Data extracted from a collection:
- - - -

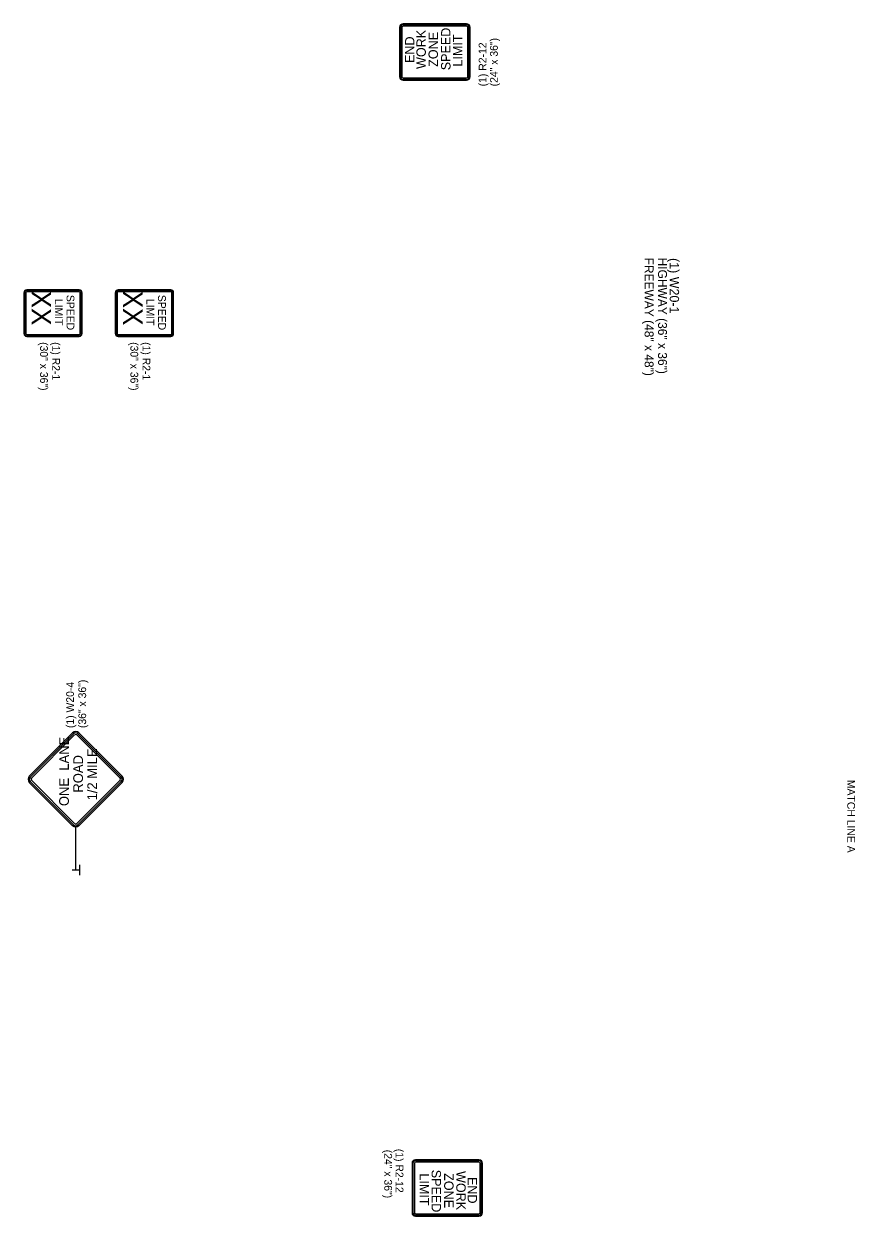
# Model space of a CAD drawing. Extents: x 1926586 to 1930787, y 596452 to 599566.
# Drawn here: x 1927226 to 1927867, y 596697 to 597617 of the extents above; entities that cross this region are included whole.
import ezdxf

# ---------------------------------------------------------------- set-up
doc = ezdxf.new("R2010")
doc.units = 0
for name, color, linetype in [('Default', 7, 'Continuous'), ('P_TC_Signs_Permanent', 7, 'Continuous'), ('P_TC_Signs_Temporary', 7, 'Continuous'), ('R_Border', 7, 'Continuous')]:
    doc.layers.add(name, color=color, linetype=linetype)

msp = doc.modelspace()

# ---------------------------------------------------------------- linework, layer by layer
at = {"layer": 'Default'}
for p, q in [((1927268.28, 596963.91), (1927262.82, 596963.91)), ((1927268.4, 596967.89), (1927268.4, 596959.89))]:
    msp.add_line(p, q, dxfattribs=at)
at = {"layer": 'P_TC_Signs_Permanent'}
for p, q in [((1927567.2, 597616.99), (1927518.26, 597616.99)), ((1927567.2, 597616.31), (1927518.26, 597616.31)), ((1927515.54, 597614.27), (1927515.54, 597576.2)), ((1927516.22, 597614.27), (1927516.22, 597576.2)), ((1927517.36, 597614.27), (1927517.36, 597576.2)), ((1927567.2, 597615.17), (1927518.26, 597615.17)), ((1927568.11, 597576.2), (1927568.11, 597614.27)), ((1927569.24, 597576.2), (1927569.24, 597614.27)), ((1927569.92, 597576.2), (1927569.92, 597614.27)), ((1927518.26, 597575.3), (1927567.2, 597575.3)), ((1927518.26, 597574.17), (1927567.2, 597574.17)), ((1927518.26, 597573.49), (1927567.2, 597573.49)), ((1927225.53, 597409.49), (1927225.53, 597377.99)), ((1927226.1, 597409.49), (1927226.1, 597377.99)), ((1927227.03, 597409.49), (1927227.03, 597377.99)), ((1927268.28, 597411.74), (1927227.78, 597411.74)), ((1927268.28, 597411.18), (1927227.78, 597411.18)), ((1927268.28, 597410.24), (1927227.78, 597410.24)), ((1927269.03, 597377.99), (1927269.03, 597409.49)), ((1927269.97, 597377.99), (1927269.97, 597409.49)), ((1927270.53, 597377.99), (1927270.53, 597409.49)), ((1927296.14, 597409.49), (1927296.14, 597377.99)), ((1927296.71, 597409.49), (1927296.71, 597377.99)), ((1927297.64, 597409.49), (1927297.64, 597377.99)), ((1927338.89, 597411.74), (1927298.39, 597411.74)), ((1927338.89, 597411.18), (1927298.39, 597411.18)), ((1927338.89, 597410.24), (1927298.39, 597410.24)), ((1927339.64, 597377.99), (1927339.64, 597409.49)), ((1927340.58, 597377.99), (1927340.58, 597409.49)), ((1927341.14, 597377.99), (1927341.14, 597409.49)), ((1927227.78, 597377.24), (1927268.28, 597377.24)), ((1927298.39, 597377.24), (1927338.89, 597377.24)), ((1927227.78, 597376.3), (1927268.28, 597376.3)), ((1927227.78, 597375.74), (1927268.28, 597375.74)), ((1927298.39, 597376.3), (1927338.89, 597376.3)), ((1927298.39, 597375.74), (1927338.89, 597375.74)), ((1927525.13, 596737.64), (1927525.13, 596699.57)), ((1927525.81, 596737.64), (1927525.81, 596699.57)), ((1927526.94, 596737.64), (1927526.94, 596699.57)), ((1927576.78, 596740.35), (1927527.85, 596740.35)), ((1927576.78, 596739.67), (1927527.85, 596739.67)), ((1927576.78, 596738.54), (1927527.85, 596738.54)), ((1927577.69, 596699.57), (1927577.69, 596737.64)), ((1927578.82, 596699.57), (1927578.82, 596737.64)), ((1927579.5, 596699.57), (1927579.5, 596737.64)), ((1927527.85, 596698.67), (1927576.78, 596698.67)), ((1927527.85, 596697.53), (1927576.78, 596697.53)), ((1927527.85, 596696.85), (1927576.78, 596696.85))]:
    msp.add_line(p, q, dxfattribs=at)
for centre, radius, start, end in [((1927518.26, 597614.27), 2.72, 90, 180), ((1927518.26, 597614.27), 2.04, 90, 180), ((1927567.2, 597614.27), 2.72, 360, 90), ((1927567.2, 597614.27), 2.04, 360, 90), ((1927518.26, 597614.27), 0.906, 90, 180), ((1927567.2, 597614.27), 0.906, 360, 90), ((1927518.26, 597576.2), 2.72, 180, 270), ((1927518.26, 597576.2), 2.04, 180, 270), ((1927518.26, 597576.2), 0.906, 180, 270), ((1927567.2, 597576.2), 2.72, 270, 360), ((1927567.2, 597576.2), 2.04, 270, 360), ((1927567.2, 597576.2), 0.906, 270, 360), ((1927227.78, 597409.49), 2.25, 90, 180), ((1927227.78, 597409.49), 1.69, 90, 180), ((1927227.78, 597409.49), 0.75, 90, 180), ((1927268.28, 597409.49), 2.25, 360, 90), ((1927268.28, 597409.49), 1.69, 360, 90), ((1927268.28, 597409.49), 0.75, 360, 90), ((1927298.39, 597409.49), 2.25, 90, 180), ((1927298.39, 597409.49), 1.69, 90, 180), ((1927298.39, 597409.49), 0.75, 90, 180), ((1927338.89, 597409.49), 2.25, 360, 90), ((1927338.89, 597409.49), 1.69, 360, 90), ((1927338.89, 597409.49), 0.75, 360, 90), ((1927227.78, 597377.99), 2.25, 180, 270), ((1927227.78, 597377.99), 1.69, 180, 270), ((1927227.78, 597377.99), 0.75, 180, 270), ((1927268.28, 597377.99), 2.25, 270, 360), ((1927268.28, 597377.99), 1.69, 270, 360), ((1927268.28, 597377.99), 0.75, 270, 360), ((1927298.39, 597377.99), 2.25, 180, 270), ((1927298.39, 597377.99), 1.69, 180, 270), ((1927298.39, 597377.99), 0.75, 180, 270), ((1927338.89, 597377.99), 2.25, 270, 360), ((1927338.89, 597377.99), 1.69, 270, 360), ((1927338.89, 597377.99), 0.75, 270, 360), ((1927527.85, 596737.64), 2.72, 90, 180), ((1927527.85, 596737.64), 2.04, 90, 180), ((1927527.85, 596737.64), 0.906, 90, 180), ((1927576.78, 596737.64), 2.72, 360, 90), ((1927576.78, 596737.64), 2.04, 360, 90), ((1927576.78, 596737.64), 0.906, 360, 90), ((1927527.85, 596699.57), 2.72, 180, 270), ((1927527.85, 596699.57), 2.04, 180, 270), ((1927527.85, 596699.57), 0.906, 180, 270), ((1927576.78, 596699.57), 2.72, 270, 360), ((1927576.78, 596699.57), 2.04, 270, 360), ((1927576.78, 596699.57), 0.906, 270, 360)]:
    msp.add_arc(centre, radius, start, end, dxfattribs=at)
at = {"layer": 'P_TC_Signs_Temporary'}
for p, q in [((1927229.75, 597036.39), (1927263.16, 597069.8)), ((1927230.41, 597035.73), (1927263.82, 597069.14)), ((1927231.34, 597034.8), (1927264.75, 597068.21)), ((1927266.34, 597068.21), (1927299.75, 597034.8)), ((1927267.27, 597069.14), (1927300.68, 597035.73)), ((1927267.93, 597069.8), (1927301.35, 597036.39)), ((1927263.16, 596998.2), (1927229.75, 597031.62)), ((1927263.82, 596998.87), (1927230.41, 597032.28)), ((1927264.75, 596999.8), (1927231.34, 597033.21)), ((1927299.75, 597033.21), (1927266.34, 596999.8)), ((1927300.68, 597032.28), (1927267.27, 596998.87)), ((1927301.35, 597031.62), (1927267.93, 596998.2))]:
    msp.add_line(p, q, dxfattribs=at)
for centre, radius, start, end in [((1927265.55, 597067.41), 3.37, 45, 135), ((1927265.55, 597067.41), 2.44, 45, 135), ((1927265.55, 597067.41), 1.12, 45, 135), ((1927232.14, 597034), 3.37, 135, 225), ((1927298.96, 597034), 3.37, 315, 45), ((1927232.14, 597034), 2.44, 135, 225), ((1927232.14, 597034), 1.13, 135, 225), ((1927298.96, 597034), 1.13, 315, 45), ((1927298.96, 597034), 2.44, 315, 45), ((1927265.55, 597000.59), 1.12, 225, 315), ((1927265.55, 597000.59), 3.37, 225, 315), ((1927265.55, 597000.59), 2.44, 225, 315)]:
    msp.add_arc(centre, radius, start, end, dxfattribs=at)
at = {"layer": 'R_Border'}
msp.add_line((1927265.55, 596963.91), (1927265.55, 596997.22), dxfattribs=at)

# ---------------------------------------------------------------- texts
at = {"layer": 'Default'}
msp.add_text('MATCH LINE A', height=6, rotation=270, dxfattribs=at).set_placement((1927861.02, 597033.54))
at = {"layer": 'P_TC_Signs_Permanent'}
for s, height, rotation, p in [('END', 7.251, 90, (1927526.95, 597586.78)), ('WORK', 7.251, 90, (1927535.77, 597582.18)), ('ZONE', 7.251, 90, (1927545.12, 597583.8)), ('SPEED', 7.251, 90, (1927554.81, 597581.17)), ('LIMIT', 7.251, 90, (1927564.03, 597584.01)), ('XX', 15, 270, (1927231.53, 597411.04)), ('SPEED', 6, 270, (1927258.53, 597407.81)), ('XX', 15, 270, (1927302.14, 597411.04)), ('SPEED', 6, 270, (1927329.14, 597407.81)), ('LIMIT', 6, 270, (1927249.53, 597404.72)), ('LIMIT', 6, 270, (1927320.14, 597404.72)), ('LIMIT', 7.251, 270, (1927531.02, 596729.83)), ('SPEED', 7.251, 270, (1927540.24, 596732.67)), ('ZONE', 7.251, 270, (1927549.92, 596730.04)), ('WORK', 7.251, 270, (1927559.27, 596731.66)), ('END', 7.251, 270, (1927568.09, 596727.06))]:
    msp.add_text(s, height=height, rotation=rotation, dxfattribs=at).set_placement(p)
at = {"layer": 'P_TC_Signs_Temporary'}
for s, p in [('ONE  LANE', (1927260.3, 597013.3)), ('1/2 MILE', (1927282.05, 597017.69)), ('ROAD', (1927271.17, 597023.7))]:
    msp.add_text(s, height=7.5, rotation=90, dxfattribs=at).set_placement(p)
at = {"layer": 'R_Border'}
for s, height, rotation, p in [('(1) R2-12', 6, 90, (1927582.57, 597568.75)), ('(24" x 36")', 5.9996, 90, (1927591.32, 597568.75)), ('FREEWAY (48" x 48")', 6.912, 270, (1927704.62, 597436.61)), ('HIGHWAY (36" x 36")', 6.912, 270, (1927714.99, 597436.61)), ('(1) W20-1', 7.2, 270, (1927724.01, 597436.25)), ('(30" x 36")', 5.9996, 270, (1927238.08, 597371.36)), ('(1) R2-1', 6, 270, (1927247.44, 597371.36)), ('(30" x 36")', 5.9996, 270, (1927307.79, 597371.36)), ('(1) R2-1', 6, 270, (1927317.15, 597371.36)), ('(36" x 36")', 6, 90, (1927273.6, 597073.51)), ('(1) W20-4', 6, 90, (1927264.23, 597073.51)), ('(24" x 36")', 5.9996, 270, (1927503.72, 596748.09)), ('(1) R2-12', 6, 270, (1927512.47, 596748.83))]:
    msp.add_text(s, height=height, rotation=rotation, dxfattribs=at).set_placement(p)

doc.saveas('drawing.dxf')

- - - -

EXERCISE GOAL: Search the entries for the string "name" and copy each line where it occurs.

SOLUTION:
for name, color, linetype in [('Default', 7, 'Continuous'), ('P_TC_Signs_Permanent', 7, 'Continuous'), ('P_TC_Signs_Temporary', 7, 'Continuous'), ('R_Border', 7, 'Continuous')]:
    doc.layers.add(name, color=color, linetype=linetype)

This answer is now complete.